Sir Richard Branson loses Virgin Trains High Court battle

Sir Richard Branson loses Virgin Trains High Court battle after being stripped of West Coast rail franchise

Sir Richard Branson has lost a High Court battle with the Government after being stripped of the lucrative West Coast rail franchise he ran for more than 20 years.

In another blow for the billionaire tycoon, a judge dismissed a case brought by Virgin Rail, Stagecoach and France’s SNCF against the Department for Transport (DfT) over various franchise bids.

Virgin joined the lawsuit after its joint bid with Stagecoach to renew their contract to run the West Coast Main Line, which runs from London to Glasgow, was blocked at the 11th hour last year.

Derailed: Richard Branson had run the West Coast franchise, which runs from London to Glasgow, since 1997

The companies refused to commit to taking on the long-term pensions liabilities of rail workers, claiming it was the first time firms had ever been asked to do so.

Stagecoach tried to sue the Government for acting unlawfully in the way it carried out the competitive process for the West Coast, as well as the South Eastern and East Midlands franchises.

But Mr Justice Stuart Smith yesterday dismissed the claims and said all of the bidders would have known that pushing back on the pensions element ‘gave rise to a serious risk’ of being disqualified.

Chris Grayling, the then transport secretary, stunned the rail industry last year by deeming three bids by Stagecoach – including the joint bid with Virgin for the West Coast franchise – were ‘non-compliant’.

This effectively brought an end to Branson’s long and profitable love affair with the railways, having run the West Coast franchise since 1997, the year Tony Blair came to power. 

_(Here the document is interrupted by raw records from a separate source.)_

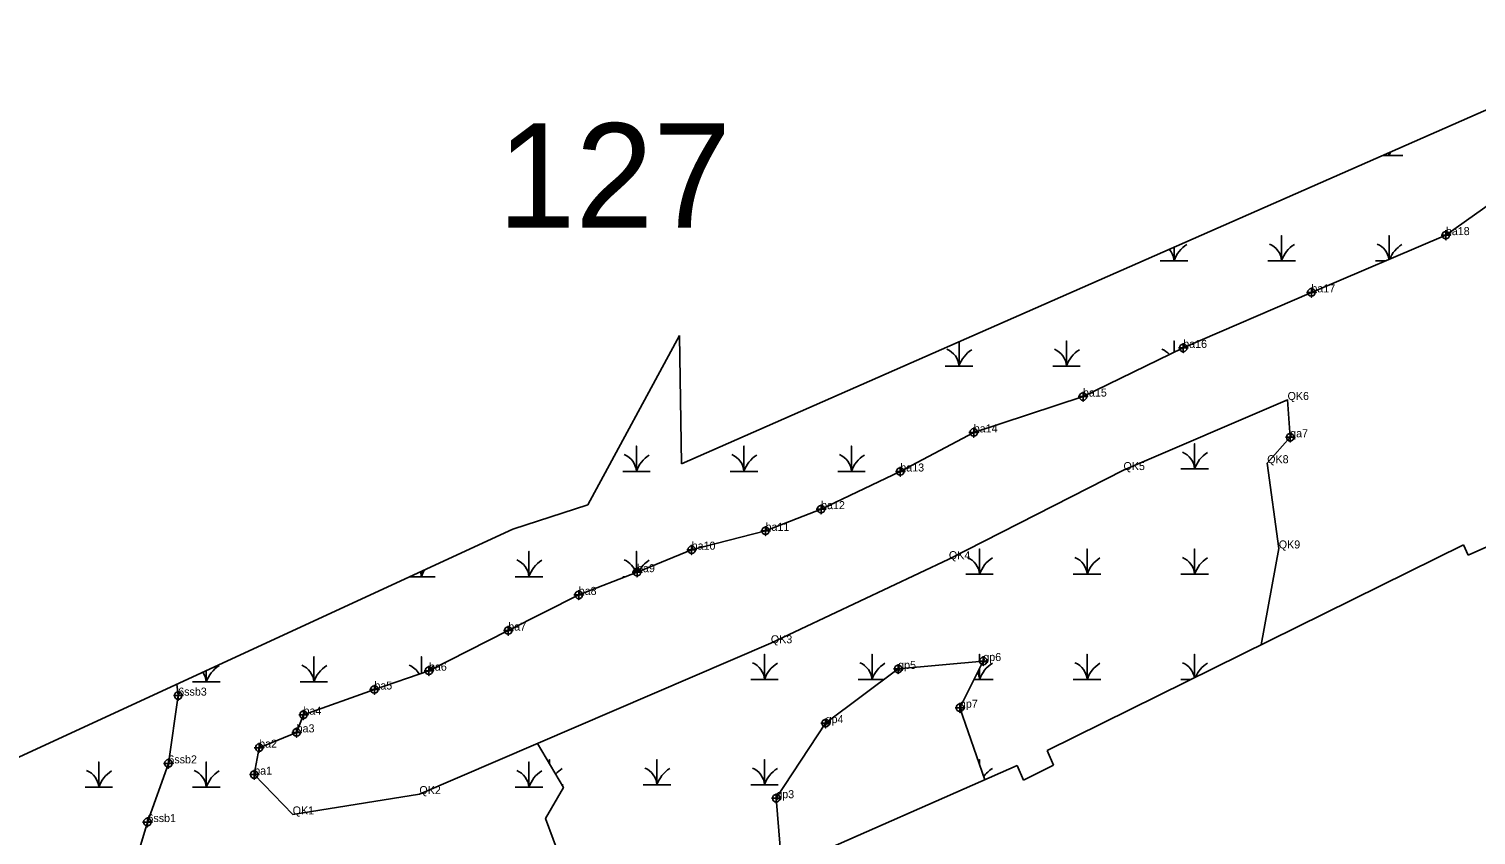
# Model space of a CAD drawing. Extents: x 2071991 to 2268989, y 436479 to 469629.
# Drawn here: x 2153363 to 2154267, y 438617 to 439120 of the extents above; entities that cross this region are included whole.
import ezdxf

# ---------------------------------------------------------------- set-up
doc = ezdxf.new("R2010")
doc.units = 0
for name, color, linetype in [('approx_PSA', 7, 'Continuous'), ('Default', 7, 'Continuous'), ('Exist Environmental Wetland Boundary', 7, 'Continuous'), ('Exist Environmental Wetland Boundary Cogo Comment', 7, 'Continuous'), ('Exist Environmental Wetland Boundary Cogo Point CELL', 7, 'Continuous'), ('Exist Hydro Jurisdictional Stream or Body of Water NEU Mitigable', 7, 'Continuous'), ('Exist Hydro Jurisdictional Stream or Body of Water NEU Mitigable Cogo Comment', 7, 'Continuous'), ('Exist Hydro Jurisdictional Stream or Body of Water NEU Mitigable Cogo Point CELL', 7, 'Continuous'), ('Exist Hydro Swamp or Marsh', 7, 'Continuous')]:
    doc.layers.add(name, color=color, linetype=linetype)

msp = doc.modelspace()

# ---------------------------------------------------------------- linework, layer by layer
at = {"layer": 'approx_PSA'}
for p, q in [((2153770.44, 438848.59), (2154388.38, 439120.2)), ((2153711.82, 438822.82), (2153769.12, 438928.63)), ((2153769.12, 438928.63), (2153770.44, 438848.59)), ((2154499.96, 438896.16), (2154261.94, 438791.54)), ((2153664.98, 438807.69), (2153711.82, 438822.82)), ((2153353.91, 438664.2), (2153664.98, 438807.69)), ((2154259.12, 438797.94), (2153998.87, 438669.35)), ((2154261.94, 438791.54), (2154259.12, 438797.94)), ((2153998.87, 438669.35), (2154002.89, 438660.2)), ((2153980.05, 438659.99), (2153775.9, 438570.25)), ((2153984.07, 438650.83), (2153980.05, 438659.99)), ((2154002.89, 438660.2), (2153984.07, 438650.83))]:
    msp.add_line(p, q, dxfattribs=at)
at = {"layer": 'Exist Environmental Wetland Boundary'}
for points in [[(2153527.37, 438629.46), (2153503.31, 438654.33), (2153506.4, 438671.17), (2153529.85, 438680.72), (2153534.13, 438691.75), (2153578.44, 438707.49), (2153612.52, 438719.25), (2153662.11, 438744.35), (2153706.16, 438766.61), (2153742.6, 438780.8), (2153776.72, 438794.85), (2153822.89, 438806.64), (2153857.62, 438820.19), (2153907.12, 438843.71), (2153953.02, 438868.13), (2154021.3, 438890.53), (2154083.94, 438920.93), (2154164.03, 438955.62), (2154248.07, 438991.39), (2154313.26, 439037.49)], [(2153527.37, 438629.46), (2153606.57, 438642.14), (2153826.22, 438736.39), (2153937.5, 438788.93), (2154046.6, 438844.6), (2154149.14, 438888.4), (2154150.77, 438865.09), (2154136.41, 438848.89), (2154143.66, 438795.63), (2154132.65, 438735.46)], [(2153833.84, 438595.72), (2153832.91, 438598.85), (2153829.61, 438639.59), (2153860.44, 438686.49), (2153905.78, 438720.37), (2153959, 438725.3), (2153944.36, 438696.13), (2153959.94, 438651.15)], [(2153680.4, 438673.82), (2153696.61, 438646.37), (2153685.41, 438626.93), (2153694.89, 438601), (2153701.53, 438502.86)]]:
    msp.add_lwpolyline(points, dxfattribs=at)
at = {"layer": 'Exist Environmental Wetland Boundary Cogo Point CELL'}
for points in [[(2154248.07, 438994.39), (2154248.07, 438988.39), (2154248.07, 438991.39), (2154251.07, 438991.39), (2154245.07, 438991.39)], [(2154164.03, 438958.62), (2154164.03, 438952.62), (2154164.03, 438955.62), (2154167.03, 438955.62), (2154161.03, 438955.62)], [(2154083.94, 438923.93), (2154083.94, 438917.93), (2154083.94, 438920.93), (2154086.94, 438920.93), (2154080.94, 438920.93)], [(2154021.3, 438893.53), (2154021.3, 438887.53), (2154021.3, 438890.53), (2154024.3, 438890.53), (2154018.3, 438890.53)], [(2153953.02, 438871.13), (2153953.02, 438865.13), (2153953.02, 438868.13), (2153956.02, 438868.13), (2153950.02, 438868.13)], [(2154150.77, 438868.09), (2154150.77, 438862.09), (2154150.77, 438865.09), (2154153.77, 438865.09), (2154147.77, 438865.09)], [(2153907.12, 438846.71), (2153907.12, 438840.71), (2153907.12, 438843.71), (2153910.12, 438843.71), (2153904.12, 438843.71)], [(2153857.62, 438823.19), (2153857.62, 438817.19), (2153857.62, 438820.19), (2153860.62, 438820.19), (2153854.62, 438820.19)], [(2153822.89, 438809.64), (2153822.89, 438803.64), (2153822.89, 438806.64), (2153825.89, 438806.64), (2153819.89, 438806.64)], [(2153776.72, 438797.85), (2153776.72, 438791.85), (2153776.72, 438794.85), (2153779.72, 438794.85), (2153773.72, 438794.85)], [(2153742.6, 438783.8), (2153742.6, 438777.8), (2153742.6, 438780.8), (2153745.6, 438780.8), (2153739.6, 438780.8)], [(2153706.16, 438769.61), (2153706.16, 438763.61), (2153706.16, 438766.61), (2153709.16, 438766.61), (2153703.16, 438766.61)], [(2153662.11, 438747.35), (2153662.11, 438741.35), (2153662.11, 438744.35), (2153665.11, 438744.35), (2153659.11, 438744.35)], [(2153905.78, 438723.37), (2153905.78, 438717.37), (2153905.78, 438720.37), (2153908.78, 438720.37), (2153902.78, 438720.37)], [(2153959, 438728.3), (2153959, 438722.3), (2153959, 438725.3), (2153962, 438725.3), (2153956, 438725.3)], [(2153612.52, 438722.25), (2153612.52, 438716.25), (2153612.52, 438719.25), (2153615.52, 438719.25), (2153609.52, 438719.25)], [(2153578.44, 438710.49), (2153578.44, 438704.49), (2153578.44, 438707.49), (2153581.44, 438707.49), (2153575.44, 438707.49)], [(2153944.36, 438699.13), (2153944.36, 438693.13), (2153944.36, 438696.13), (2153947.36, 438696.13), (2153941.36, 438696.13)], [(2153534.13, 438694.75), (2153534.13, 438688.75), (2153534.13, 438691.75), (2153537.13, 438691.75), (2153531.13, 438691.75)], [(2153860.44, 438689.49), (2153860.44, 438683.49), (2153860.44, 438686.49), (2153863.44, 438686.49), (2153857.44, 438686.49)], [(2153529.85, 438683.72), (2153529.85, 438677.72), (2153529.85, 438680.72), (2153532.85, 438680.72), (2153526.85, 438680.72)], [(2153506.4, 438674.17), (2153506.4, 438668.17), (2153506.4, 438671.17), (2153509.4, 438671.17), (2153503.4, 438671.17)], [(2153503.31, 438657.33), (2153503.31, 438651.33), (2153503.31, 438654.33), (2153506.31, 438654.33), (2153500.31, 438654.33)], [(2153829.61, 438642.59), (2153829.61, 438636.59), (2153829.61, 438639.59), (2153832.61, 438639.59), (2153826.61, 438639.59)]]:
    msp.add_lwpolyline(points, dxfattribs=at)
for centre in [(2154248.07, 438991.39), (2154164.03, 438955.62), (2154083.94, 438920.93), (2154021.3, 438890.53), (2153953.02, 438868.13), (2154150.77, 438865.09), (2153907.12, 438843.71), (2153857.62, 438820.19), (2153822.89, 438806.64), (2153776.72, 438794.85), (2153742.6, 438780.8), (2153706.16, 438766.61), (2153662.11, 438744.35), (2153959, 438725.3), (2153612.52, 438719.25), (2153905.78, 438720.37), (2153578.44, 438707.49), (2153944.36, 438696.13), (2153534.13, 438691.75), (2153860.44, 438686.49), (2153529.85, 438680.72), (2153506.4, 438671.17), (2153503.31, 438654.33), (2153829.61, 438639.59)]:
    msp.add_circle(centre, 2.34, dxfattribs=at)
at = {"layer": 'Exist Hydro Jurisdictional Stream or Body of Water NEU Mitigable'}
msp.add_lwpolyline([(2153424.24, 438582.83), (2153436.6, 438624.69), (2153449.69, 438661.35), (2153455.83, 438703.7), (2153454.94, 438710.8)], dxfattribs=at)
at = {"layer": 'Exist Hydro Jurisdictional Stream or Body of Water NEU Mitigable Cogo Point CELL'}
for points in [[(2153455.83, 438706.7), (2153455.83, 438700.7), (2153455.83, 438703.7), (2153458.83, 438703.7), (2153452.83, 438703.7)], [(2153449.69, 438664.35), (2153449.69, 438658.35), (2153449.69, 438661.35), (2153452.69, 438661.35), (2153446.69, 438661.35)], [(2153436.6, 438627.69), (2153436.6, 438621.69), (2153436.6, 438624.69), (2153439.6, 438624.69), (2153433.6, 438624.69)]]:
    msp.add_lwpolyline(points, dxfattribs=at)
for centre in [(2153455.83, 438703.7), (2153449.69, 438661.35), (2153436.6, 438624.69)]:
    msp.add_circle(centre, 2.34, dxfattribs=at)
at = {"layer": 'Exist Hydro Swamp or Marsh'}
for p, q in [((2154204.03, 438975.34), (2154210.37, 438975.34)), ((2153733.61, 438778), (2153735.41, 438778)), ((2154082.46, 438713.74), (2154088.71, 438713.74)), ((2153695.67, 438647.96), (2153696.44, 438647.96))]:
    msp.add_line(p, q, dxfattribs=at)
for points in [[(2154208.48, 439041.12), (2154212.63, 439041.12), (2154212.63, 439042.95)], [(2154212.63, 439042.95), (2154212.63, 439041.12), (2154221.23, 439041.12)], [(2154136.83, 438975.34), (2154145.43, 438975.34), (2154145.43, 438991.12), (2154145.43, 438975.34), (2154154.03, 438975.34)], [(2154212.63, 438976.3), (2154212.63, 438991.12), (2154212.63, 438976.3)], [(2154069.62, 438975.34), (2154078.22, 438975.34), (2154078.22, 438983.87)], [(2154078.22, 438983.87), (2154078.22, 438975.34), (2154086.83, 438975.34)], [(2153935.22, 438909.56), (2153943.82, 438909.56), (2153943.82, 438924.79)], [(2153943.82, 438924.79), (2153943.82, 438909.56), (2153952.42, 438909.56)], [(2154002.42, 438909.56), (2154011.02, 438909.56), (2154011.02, 438925.34), (2154011.02, 438909.56), (2154019.62, 438909.56)], [(2154078.22, 438918.16), (2154078.22, 438925.34), (2154078.22, 438918.16)], [(2153733.61, 438843.78), (2153742.21, 438843.78), (2153742.21, 438859.56), (2153742.21, 438843.78), (2153750.81, 438843.78)], [(2153800.81, 438843.78), (2153809.41, 438843.78), (2153809.41, 438859.56), (2153809.41, 438843.78), (2153818.01, 438843.78)], [(2153868.01, 438843.78), (2153876.61, 438843.78), (2153876.61, 438859.56), (2153876.61, 438843.78), (2153885.22, 438843.78)], [(2154082.46, 438845.3), (2154091.06, 438845.3), (2154091.06, 438861.08), (2154091.06, 438845.3), (2154099.66, 438845.3)], [(2153666.4, 438778), (2153675, 438778), (2153675, 438793.78), (2153675, 438778), (2153683.61, 438778)], [(2153742.21, 438780.65), (2153742.21, 438793.78), (2153742.21, 438780.65)], [(2153948.05, 438779.52), (2153956.65, 438779.52), (2153956.65, 438795.3), (2153956.65, 438779.52), (2153965.25, 438779.52)], [(2154015.25, 438779.52), (2154023.86, 438779.52), (2154023.86, 438795.3), (2154023.86, 438779.52), (2154032.46, 438779.52)], [(2154082.46, 438779.52), (2154091.06, 438779.52), (2154091.06, 438795.3), (2154091.06, 438779.52), (2154099.66, 438779.52)], [(2153600.61, 438778), (2153607.8, 438778), (2153607.8, 438781.32)], [(2153607.8, 438781.32), (2153607.8, 438778), (2153616.4, 438778)], [(2153532, 438712.22), (2153540.6, 438712.22), (2153540.6, 438728), (2153540.6, 438712.22), (2153549.2, 438712.22)], [(2153607.8, 438717.62), (2153607.8, 438728), (2153607.8, 438717.62)], [(2153813.65, 438713.74), (2153822.25, 438713.74), (2153822.25, 438729.52), (2153822.25, 438713.74), (2153830.85, 438713.74)], [(2153880.85, 438713.74), (2153889.45, 438713.74), (2153889.45, 438729.52), (2153889.45, 438713.74), (2153896.92, 438713.74)], [(2153956.65, 438725.09), (2153956.65, 438729.52), (2153956.65, 438725.09)], [(2154015.25, 438713.74), (2154023.86, 438713.74), (2154023.86, 438729.52), (2154023.86, 438713.74), (2154032.46, 438713.74)], [(2154091.06, 438714.9), (2154091.06, 438729.52), (2154091.06, 438714.9)], [(2153464.79, 438712.22), (2153473.39, 438712.22), (2153473.39, 438719.31)], [(2153473.39, 438719.31), (2153473.39, 438712.22), (2153482, 438712.22)], [(2153953.2, 438713.74), (2153956.65, 438713.74), (2153956.65, 438720.62)], [(2153956.65, 438720.62), (2153956.65, 438713.74), (2153965.25, 438713.74)], [(2153397.59, 438646.44), (2153406.19, 438646.44), (2153406.19, 438662.22), (2153406.19, 438646.44), (2153414.79, 438646.44)], [(2153464.79, 438646.44), (2153473.39, 438646.44), (2153473.39, 438662.22), (2153473.39, 438646.44), (2153482, 438646.44)], [(2153666.4, 438646.44), (2153675, 438646.44), (2153675, 438662.22), (2153675, 438646.44), (2153683.61, 438646.44)], [(2153687.84, 438661.22), (2153687.84, 438663.74), (2153687.84, 438661.22)], [(2153746.44, 438647.96), (2153755.04, 438647.96), (2153755.04, 438663.74), (2153755.04, 438647.96), (2153763.65, 438647.96)], [(2153813.65, 438647.96), (2153822.25, 438647.96), (2153822.25, 438663.74), (2153822.25, 438647.96), (2153830.85, 438647.96)], [(2153956.65, 438660.63), (2153956.65, 438663.74), (2153956.65, 438660.63)]]:
    msp.add_lwpolyline(points, dxfattribs=at)
for centre, radius, start, end in [((2154200.36, 439040.23), 12.3, 4.14034, 12.22234), ((2154230.87, 439035.06), 19.22, 154.49475, 161.62219), ((2154096.47, 438969.28), 19.22, 122.12745, 161.62219), ((2154133.16, 438974.45), 12.3, 4.14034, 67.53497), ((2154163.67, 438969.28), 19.22, 122.12745, 161.62219), ((2154200.36, 438974.45), 12.3, 8.4423, 67.53497), ((2154230.87, 438969.28), 19.22, 122.12745, 158.00489), ((2154065.96, 438974.45), 12.3, 4.14034, 41.15752), ((2153931.55, 438908.67), 12.3, 4.14034, 67.53497), ((2153962.06, 438903.5), 19.22, 122.12745, 161.62219), ((2153998.75, 438908.67), 12.3, 4.14034, 67.53497), ((2154029.26, 438903.5), 19.22, 122.12745, 161.62219), ((2154065.96, 438908.67), 12.3, 40.85446, 67.53497), ((2153729.94, 438842.89), 12.3, 4.14034, 67.53497), ((2153760.45, 438837.72), 19.22, 122.12745, 161.62219), ((2153797.14, 438842.89), 12.3, 4.14034, 67.53497), ((2153827.65, 438837.72), 19.22, 122.12745, 161.62219), ((2153864.35, 438842.89), 12.3, 4.14034, 67.53497), ((2153894.86, 438837.72), 19.22, 122.12745, 161.62219), ((2154078.79, 438844.42), 12.3, 4.14034, 67.53497), ((2154109.3, 438839.24), 19.22, 122.12745, 161.62219), ((2153662.74, 438777.11), 12.3, 4.14034, 67.53497), ((2153693.25, 438771.94), 19.22, 122.12745, 161.62219), ((2153729.94, 438777.11), 12.3, 15.88199, 67.53497), ((2153760.45, 438771.94), 19.22, 122.12745, 151.13671), ((2153944.39, 438778.64), 12.3, 4.14034, 67.53497), ((2153974.9, 438773.46), 19.22, 122.12745, 161.62219), ((2154011.59, 438778.64), 12.3, 4.14034, 67.53497), ((2154042.1, 438773.46), 19.22, 122.12745, 161.62219), ((2154078.79, 438778.64), 12.3, 4.14034, 67.53497), ((2154109.3, 438773.46), 19.22, 122.12745, 161.62219), ((2153595.53, 438777.11), 12.3, 4.14034, 18.60319), ((2153626.04, 438771.94), 19.22, 147.57147, 161.62219), ((2153809.98, 438712.86), 12.3, 4.14034, 67.53497), ((2153840.49, 438707.68), 19.22, 122.12745, 161.62219), ((2153877.18, 438712.86), 12.3, 4.14034, 67.53497), ((2153907.69, 438707.68), 19.22, 122.12745, 161.62219), ((2153974.9, 438707.68), 19.22, 122.12745, 161.62219), ((2154011.59, 438712.86), 12.3, 4.14034, 67.53497), ((2154042.1, 438707.68), 19.22, 122.12745, 161.62219), ((2154078.79, 438712.86), 12.3, 9.28696, 67.53497), ((2154109.3, 438707.68), 19.22, 122.12745, 157.07841), ((2153461.13, 438711.33), 12.3, 4.14034, 34.64867), ((2153491.64, 438706.16), 19.22, 122.12745, 161.62219), ((2153528.33, 438711.33), 12.3, 4.14034, 67.53497), ((2153558.84, 438706.16), 19.22, 122.12745, 161.62219), ((2153595.53, 438711.33), 12.3, 28.12627, 67.53497), ((2153626.04, 438706.16), 19.22, 122.12745, 138.21134), ((2153944.39, 438712.86), 12.3, 4.14034, 25.89481), ((2153393.92, 438645.55), 12.3, 4.14034, 67.53497), ((2153424.43, 438640.38), 19.22, 122.12745, 161.62219), ((2153461.13, 438645.55), 12.3, 4.14034, 67.53497), ((2153491.64, 438640.38), 19.22, 122.12745, 161.62219), ((2153662.74, 438645.55), 12.3, 4.14034, 67.53497), ((2153693.25, 438640.38), 19.22, 122.12745, 161.62219), ((2153706.08, 438641.9), 19.22, 122.12745, 138.38253), ((2153742.78, 438647.07), 12.3, 4.14034, 67.53497), ((2153773.29, 438641.9), 19.22, 122.12745, 161.62219), ((2153809.98, 438647.07), 12.3, 4.14034, 67.53497), ((2153840.49, 438641.9), 19.22, 122.12745, 161.62219), ((2153974.9, 438641.9), 19.22, 122.12745, 144.40341)]:
    msp.add_arc(centre, radius, start, end, dxfattribs=at)

# ---------------------------------------------------------------- texts
at = {"layer": 'Default'}
msp.add_text('127', height=65.34, dxfattribs=at).set_placement((2153655.5, 438995.97))
at = {"layer": 'Exist Environmental Wetland Boundary Cogo Comment'}
for s, p in [('ba18', (2154248.07, 438991.39)), ('ba17', (2154164.03, 438955.62)), ('ba16', (2154083.94, 438920.93)), ('ba15', (2154021.3, 438890.53)), ('QK6', (2154149.14, 438888.4)), ('ba14', (2153953.02, 438868.13)), ('qa7', (2154150.77, 438865.09)), ('QK8', (2154136.41, 438848.89)), ('ba13', (2153907.12, 438843.71)), ('QK5', (2154046.6, 438844.6)), ('ba12', (2153857.62, 438820.19)), ('ba11', (2153822.89, 438806.64)), ('ba10', (2153776.72, 438794.85)), ('QK9', (2154143.66, 438795.63)), ('QK4', (2153937.5, 438788.93)), ('ba9', (2153742.6, 438780.8)), ('ba8', (2153706.16, 438766.61)), ('ba7', (2153662.11, 438744.35)), ('QK3', (2153826.22, 438736.39)), ('ba6', (2153612.52, 438719.25)), ('gp5', (2153905.78, 438720.37)), ('gp6', (2153959, 438725.3)), ('ba5', (2153578.44, 438707.49)), ('ba4', (2153534.13, 438691.75)), ('gp7', (2153944.36, 438696.13)), ('gp4', (2153860.44, 438686.49)), ('ba3', (2153529.85, 438680.72)), ('ba2', (2153506.4, 438671.17)), ('ba1', (2153503.31, 438654.33)), ('QK2', (2153606.57, 438642.14)), ('gp3', (2153829.61, 438639.59)), ('QK1', (2153527.37, 438629.46))]:
    msp.add_text(s, height=5, dxfattribs=at).set_placement(p)
at = {"layer": 'Exist Hydro Jurisdictional Stream or Body of Water NEU Mitigable Cogo Comment'}
for s, p in [('6ssb3', (2153455.83, 438703.7)), ('6ssb2', (2153449.69, 438661.35)), ('6ssb1', (2153436.6, 438624.69))]:
    msp.add_text(s, height=5, dxfattribs=at).set_placement(p)

doc.saveas('drawing.dxf')

At the time, Branson said he was ‘devastated’ by the decision, which resulted in the distinctive Virgin-branded trains disappearing from the network in December.

Virgin and Stagecoach lost the East Coast Main Line franchise in 2018, which was nationalised after they ran into financial difficulties.

Yesterday’s High Court ruling is the latest in a series of knocks for Branson, whose leisure and aviation empire has been turned upside down by the coronavirus crisis.

The 69-year-old entrepreneur, who founded Virgin Group in the 1970s, has been scrambling to save his airline Virgin Atlantic – even offering his Caribbean island as collateral to secure a financial rescue package worth more than £500million.

Virgin plans to cut around 3,150 jobs as the airline industry struggles amid widespread flight cancellations and question marks about how long it will take for travel to return to pre-Covid levels.

Billionaire Branson’s pleas for a Government bailout have so far been rejected by ministers and ridiculed by his critics.

The tycoon is also selling shares in his Virgin Galactic space tourism venture to raise cash to prop up the other group businesses.

A Virgin Group spokesman said about the failed West Coast legal case: ‘As a partner of SNCF and Stagecoach in the bid for the West Coast franchise, this ruling is not the outcome we hoped for, but we accept the decision.’

‘We would like to thank the incredible Virgin Trains employees for their outstanding customer service and commitment that enabled Virgin Trains to lead the industry for more than 20 years.’

Stagecoach said the company was ‘disappointed’ in the ruling.